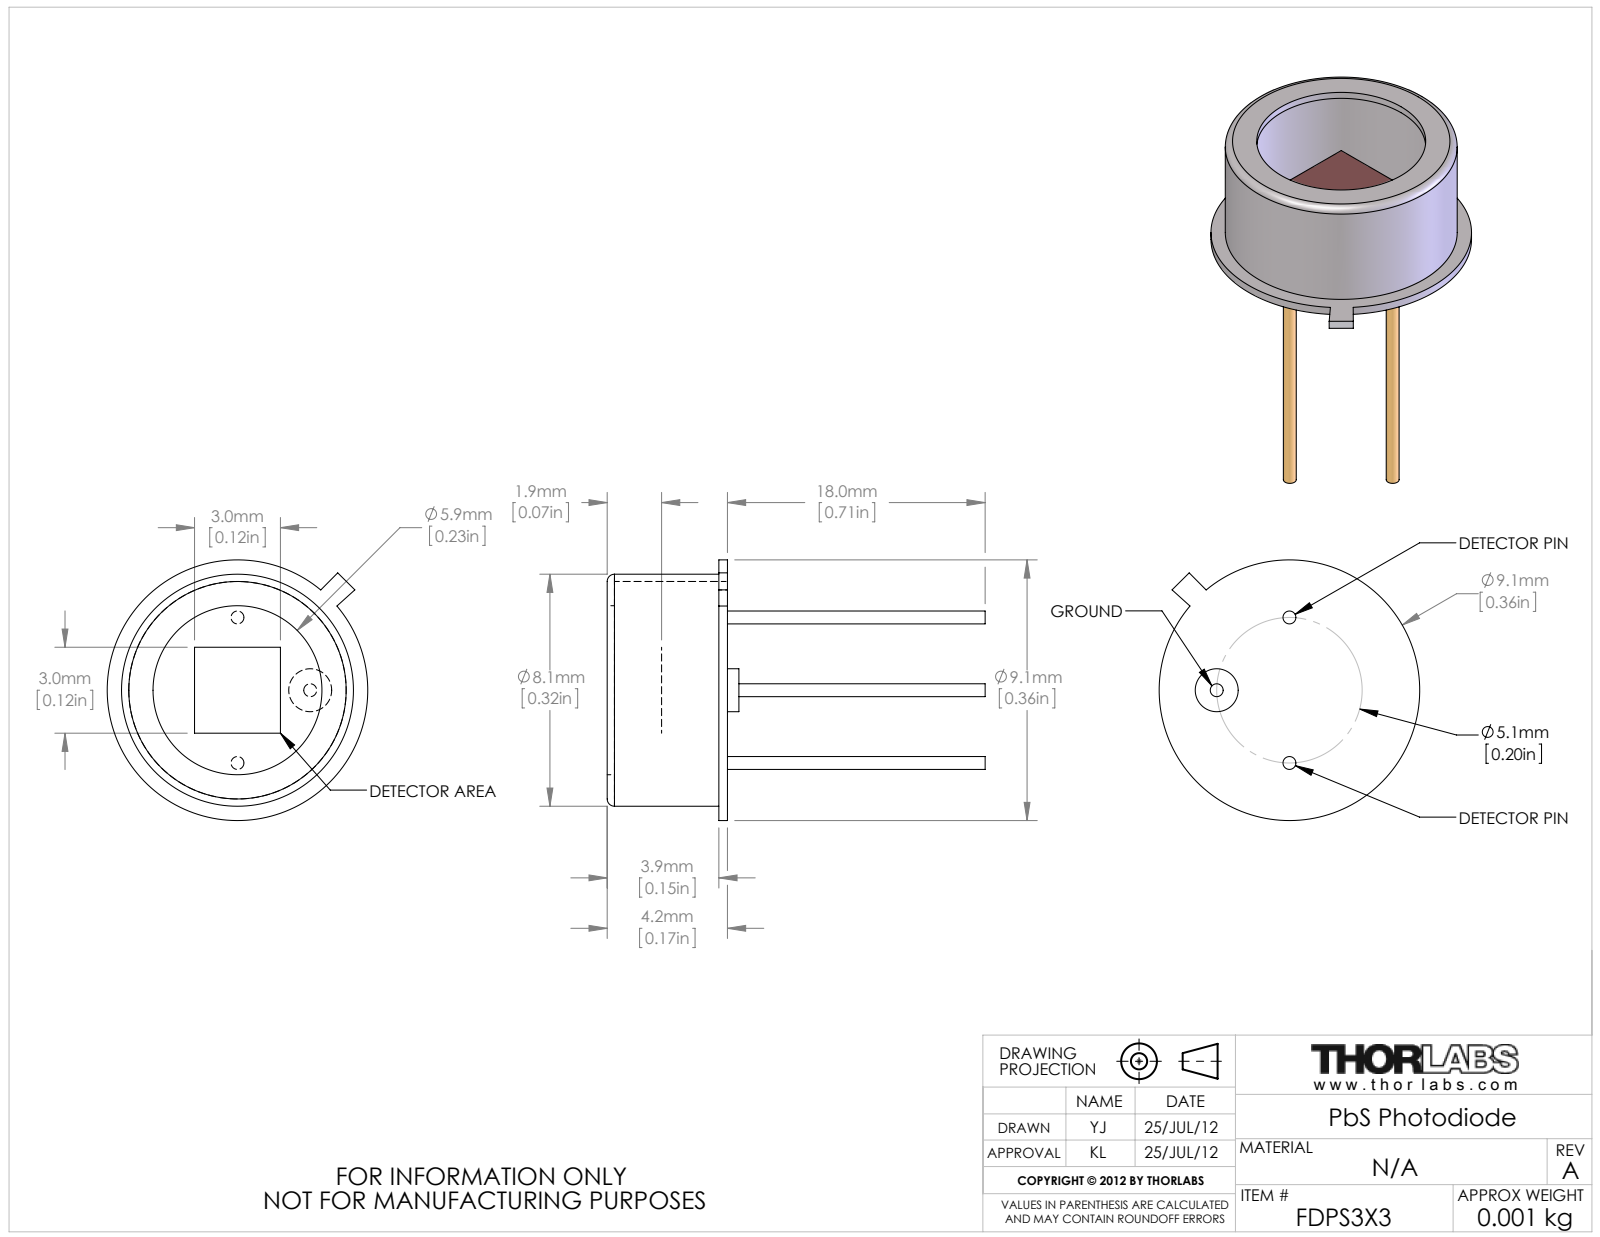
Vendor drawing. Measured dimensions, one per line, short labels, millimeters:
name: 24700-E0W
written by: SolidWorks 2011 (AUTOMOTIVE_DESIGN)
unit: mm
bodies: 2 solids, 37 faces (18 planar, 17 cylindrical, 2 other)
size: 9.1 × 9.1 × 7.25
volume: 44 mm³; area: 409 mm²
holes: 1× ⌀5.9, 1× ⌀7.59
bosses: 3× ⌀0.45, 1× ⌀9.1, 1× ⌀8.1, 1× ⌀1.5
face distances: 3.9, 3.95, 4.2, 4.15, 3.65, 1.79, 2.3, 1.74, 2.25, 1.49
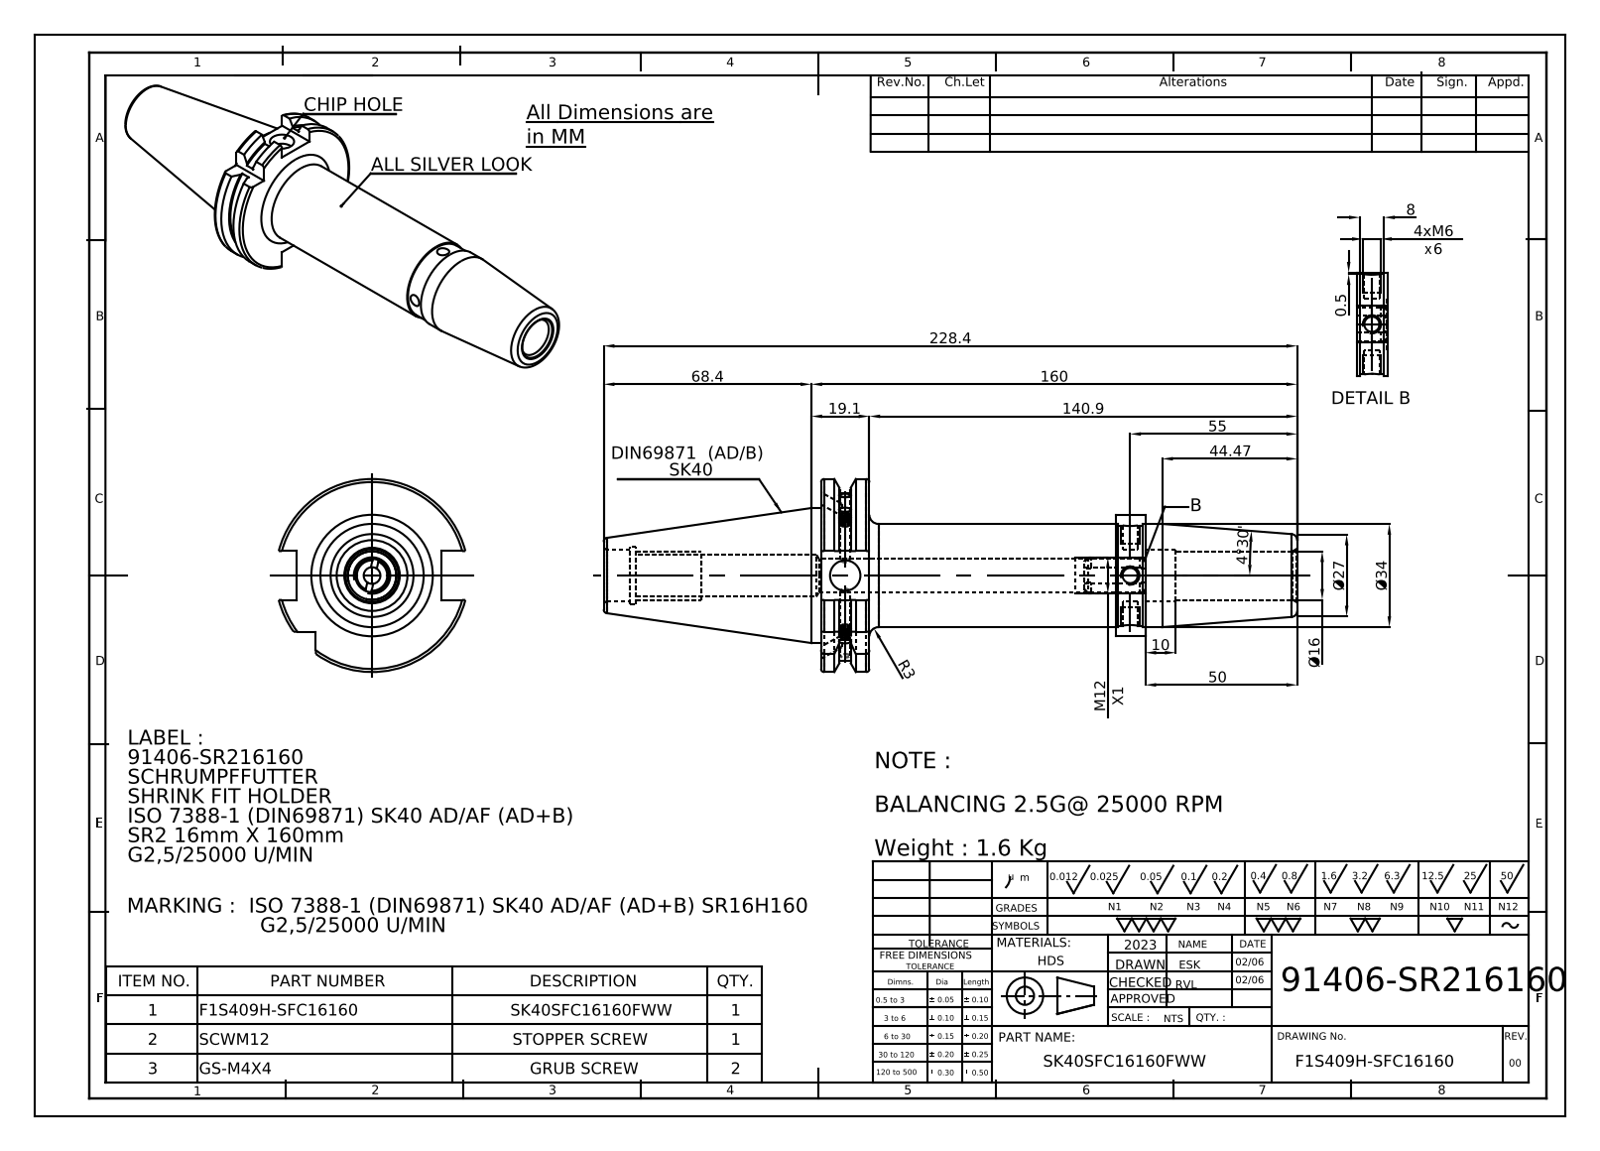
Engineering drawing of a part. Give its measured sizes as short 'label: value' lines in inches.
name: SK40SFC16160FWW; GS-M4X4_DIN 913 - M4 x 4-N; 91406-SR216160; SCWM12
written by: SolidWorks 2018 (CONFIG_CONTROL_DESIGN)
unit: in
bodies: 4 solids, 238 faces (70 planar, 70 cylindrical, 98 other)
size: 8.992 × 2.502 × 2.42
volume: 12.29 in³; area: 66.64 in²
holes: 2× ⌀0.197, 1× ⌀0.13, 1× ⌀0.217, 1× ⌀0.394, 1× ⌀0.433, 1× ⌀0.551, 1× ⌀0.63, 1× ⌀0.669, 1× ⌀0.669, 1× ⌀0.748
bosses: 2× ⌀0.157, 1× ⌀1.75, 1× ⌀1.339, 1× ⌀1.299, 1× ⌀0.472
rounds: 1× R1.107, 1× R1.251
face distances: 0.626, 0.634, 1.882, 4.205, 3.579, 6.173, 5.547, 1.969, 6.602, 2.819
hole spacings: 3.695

::::::::::

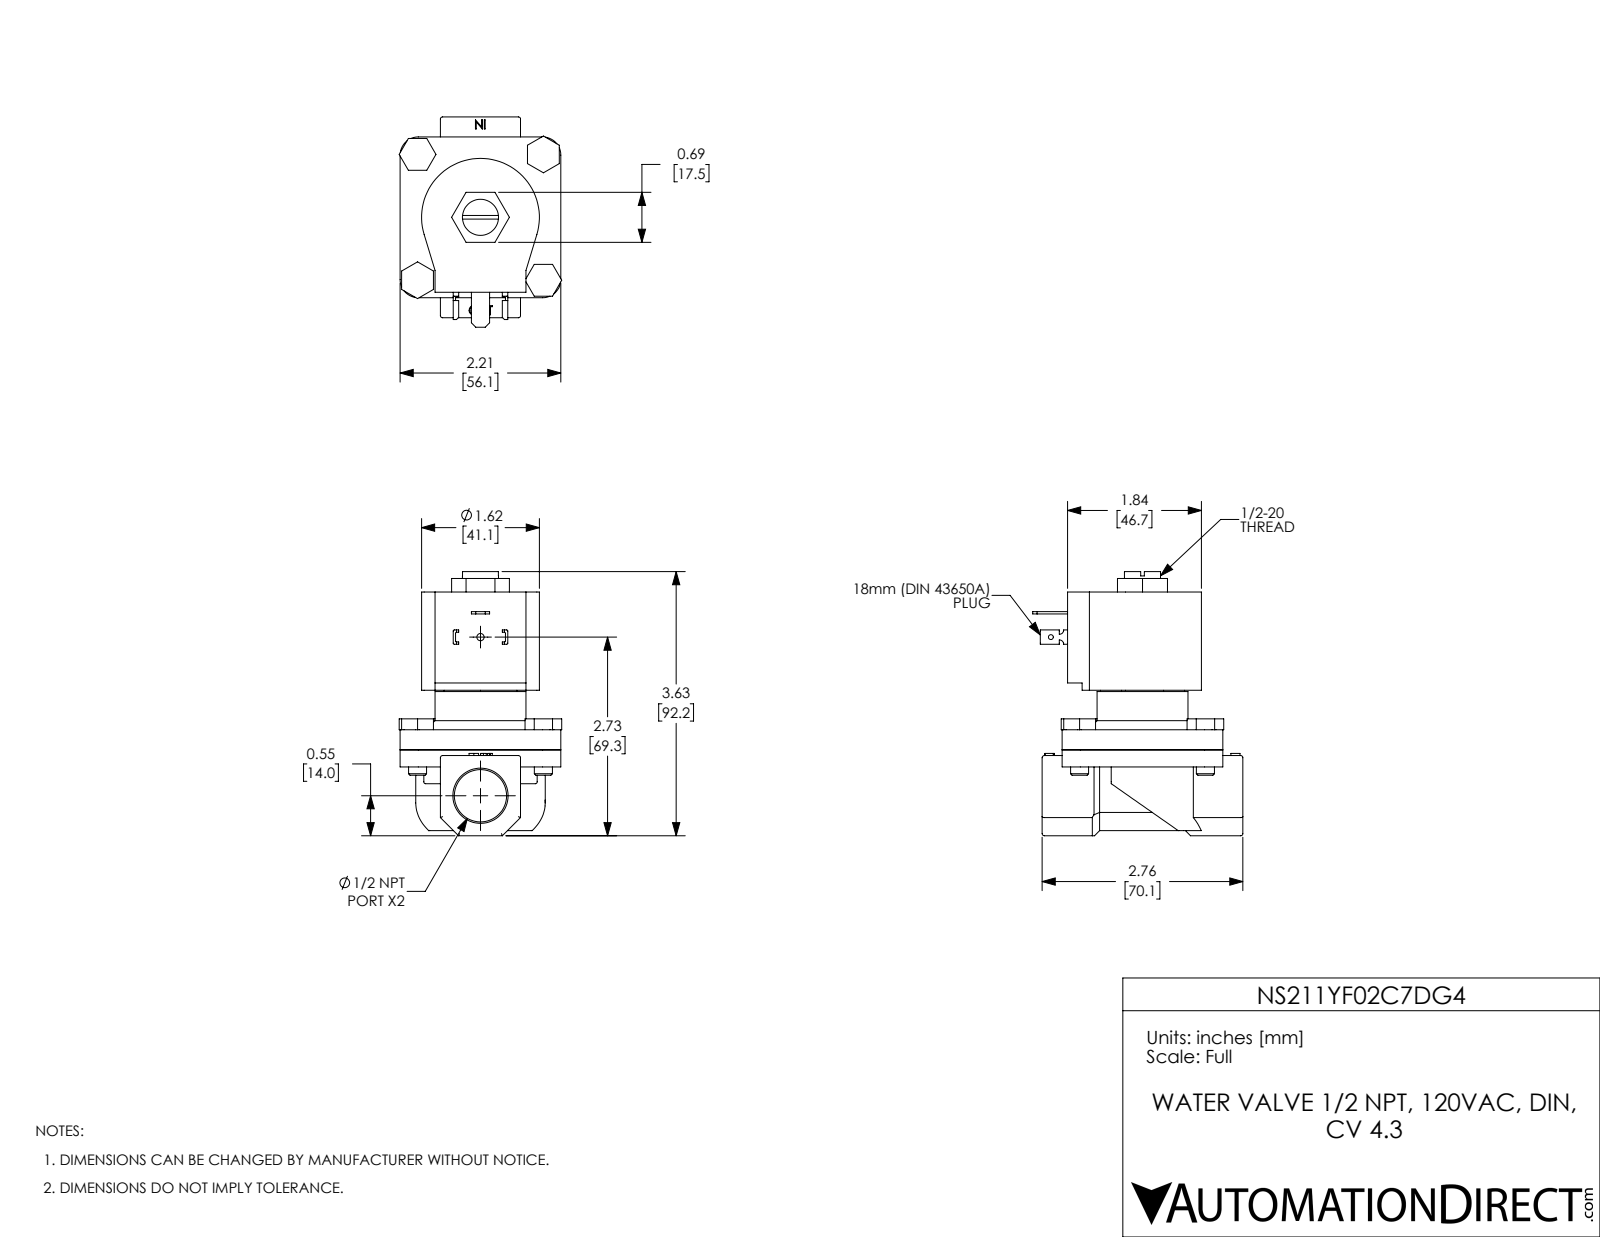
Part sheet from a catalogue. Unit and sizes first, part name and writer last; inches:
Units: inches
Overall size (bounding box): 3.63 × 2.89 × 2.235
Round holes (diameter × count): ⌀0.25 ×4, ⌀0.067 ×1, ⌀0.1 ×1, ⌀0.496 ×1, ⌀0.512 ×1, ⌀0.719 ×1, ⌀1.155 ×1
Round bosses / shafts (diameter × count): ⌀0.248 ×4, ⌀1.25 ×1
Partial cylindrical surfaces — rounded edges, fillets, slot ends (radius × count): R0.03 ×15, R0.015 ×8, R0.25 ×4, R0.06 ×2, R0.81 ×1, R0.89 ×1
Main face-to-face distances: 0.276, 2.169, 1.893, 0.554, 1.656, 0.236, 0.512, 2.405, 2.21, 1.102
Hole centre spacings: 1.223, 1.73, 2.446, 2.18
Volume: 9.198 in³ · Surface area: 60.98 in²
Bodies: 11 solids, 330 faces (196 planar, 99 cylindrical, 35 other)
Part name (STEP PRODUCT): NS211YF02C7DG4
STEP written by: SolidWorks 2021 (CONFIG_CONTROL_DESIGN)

::::::::::

Exercise objective
Could you copy every line in the records that holds "bosses"?

Solution to this problem
bosses: 3× ⌀0.45, 1× ⌀9.1, 1× ⌀8.1, 1× ⌀1.5
bosses: 2× ⌀0.157, 1× ⌀1.75, 1× ⌀1.339, 1× ⌀1.299, 1× ⌀0.472
Round bosses / shafts (diameter × count): ⌀0.248 ×4, ⌀1.25 ×1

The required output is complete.